The output vectors for an entity \(e\) is \(V_{URI}(e)\) (vector for the URI) and \(V_{word}(e)\) (vector for averaging the vectors of all the word tokens of \(e\), i.e. English label or URI name).

4. Downstream Tasks

  • (A) Class Membership Prediction: Train a model to predict the plausibility that \(e_1\) (instance) is a member of \(e_2\) (class), i.e. \(e_2(e_2)\). The input is \(\mathbf{x} = [\mathbf{e_1}, \mathbf{e_2}]\) and the output is a score \(y \in [0, 1]\). Prediction is made by binary machine learning classifier such as Random Forest. In training, for each positive sample \((e_1, e_2)\) with \(e_2(e_1)\), generate a negative sample \((e_1, e_2')\) such that \(\not e_2'(e_1)\) after entailment reasoning.

  • (B) Class Subsumption Prediction (\(e_1 \sqsubseteq e_2\)) is a similar task except that both \(e_1\) and \(e_2\) are classes.

5. Evaluation

  • Data & Code in https://github.com/KRR-Oxford/OWL2Vec-Star.
  • Datasets: HeLis for task (A), FoodOn and GO for task (B). All partitioned into \(7:1:2\) (\(tra:val:tst\)).
  • Both tasks take a head entity, predict its class and compare it against the tail entity in the evaluation.
  • All the candidates are ranked according to predicted score, and metrics adopted are Hits@1, Hits@5, Hits@10 and MRR (Mean Reciprocal Rank).
    • Hits@\(n\) measures the recall of the ground truths within the top \(n\) ranking positions, i.e. at position \(n\), how many correct classes are predicted for the head entity.
    • MRR averages the reciprocals of the ranking positions of the ground truths.
  • Comparison against the traditional, the state-of-the-art and the previous OWL2Vec embedding models suggests that OWL2Vec* outperforms all of them, and it achieves great result (\(> 90\%\)) on HeLis dataset. The author argued that lexical information is vital for embedding real-world ontologies because even the pre-trained Word2Vec model outperforms those with only URI embeddings. The performance on FoodOn and GO is less promising and the author suggested that it results from the number of candidate classes (\(277\) vs. \(28,182\) vs. \(44,244\)).

6. Ablation Study

[Lexical Information]:

  • The lexical document leads to significant improvement when it is merged with the structure document.
  • Combined document leads to a limited positive impact. It benefits when only URI embeddings are used but it introduces nosie to the correlation between words when word embeddings are used.
  • URI embeddings show positive impact on (A) but negative on (B).

[Graph Structure]:

  • RDF Graph Mapping (W3C) keeps all the semantics but leads to redundancy; Projection rules gives more compact graph but approximate most axioms with logical constructors (semantic loss). The former is chosen unlike the original OWL2Vec where the latter is chosen.
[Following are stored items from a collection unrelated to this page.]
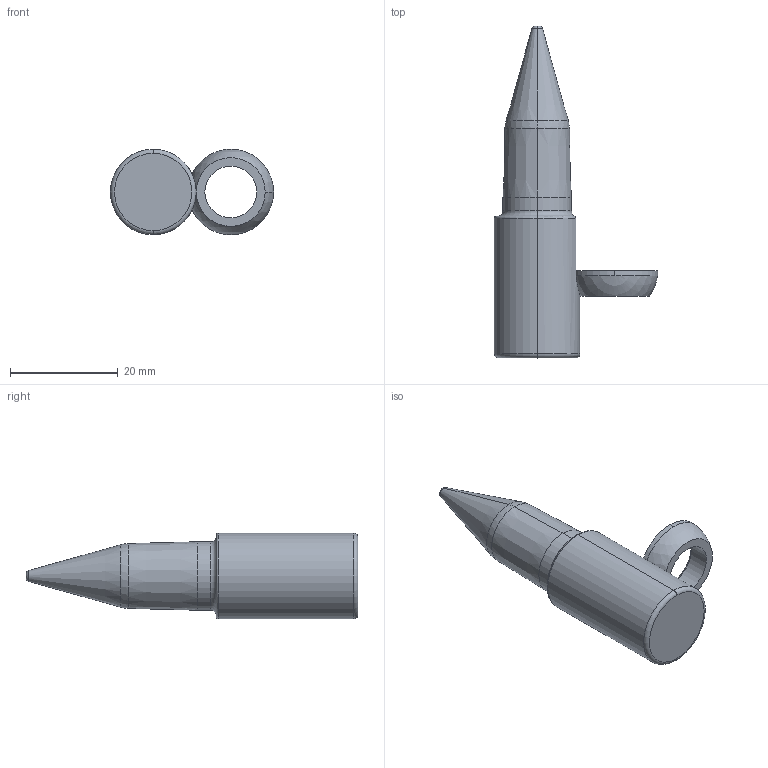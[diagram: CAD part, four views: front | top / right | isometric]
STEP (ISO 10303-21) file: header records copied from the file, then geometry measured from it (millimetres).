
FILE_DESCRIPTION (( 'STEP AP214' ), '1' );
FILE_NAME ('PA-T-.500-.100-0.5-3-A-F1.STEP', '2019-05-08T17:34:39', ( '' ), ( '' ), 'SwSTEP 2.0', 'SolidWorks 2017', '' );
FILE_SCHEMA (( 'AUTOMOTIVE_DESIGN' ));
Length unit declared in the file: inch
Products named in the file (3): SLPilot-PA-T-E_PA-T-.500-.100-0.5-3-A-F1; SLRadiusWasher_RadiusWasher-E; PA-T-.500-.100-0.5-3-A-F1
Assembly tree (2 placements, depth 2):
  PA-T-.500-.100-0.5-3-A-F1
    SLPilot-PA-T-E_PA-T-.500-.100-0.5-3-A-F1
    SLRadiusWasher_RadiusWasher-E
Bounding box: 30.28 x 61.59 x 15.88 mm (x, y, z)
Volume: 8461.7 mm3; surface area: 3160.7 mm2
Topology: 2 solids, 2 shells, 35 faces, 77 edges, 46 vertices
Faces by surface type: torus 11, cylinder 9, cone 6, plane 5, sphere 4
Entity records: 1168 total; most frequent: CARTESIAN_POINT 234, DIRECTION 208, ORIENTED_EDGE 154, AXIS2_PLACEMENT_3D 96, EDGE_CURVE 77, CIRCLE 56, VERTEX_POINT 46, EDGE_LOOP 37

  • WL Subtree Kernel performs better than Random Walk in the ablation settings.

[Logical Constructors]:

  • Logical structure alone gives relatively poor performance, but a positive impact when it works together with the graph structure; OWL2Vec* uses axiom sentences while RDF2Vec does not; Impact of Reasoner is limited.

[Pre-trained Corpus]:

  • Pre-trained Word2Vec does not help because the ontology is domain-specific.

7. Conclusion

OWL2Vec* extracts documents from the ontology that capture its graph structure, axioms of logical constructors, as well as its lexical information, and then learns a neural language model representation learning model for both entity URI and word embeddings. Future work includes incorporating new feature learning model architectures and better generalization.


References

  • Chen, Jiaoyan, Pan Hu, Ernesto Jiménez-Ruiz, Ole Magnus Holter, Denvar Antonyrajah and I. Horrocks. “OWL2Vec*: Embedding of OWL Ontologies.” ArXiv abs/2009.14654 (2020): n. pag.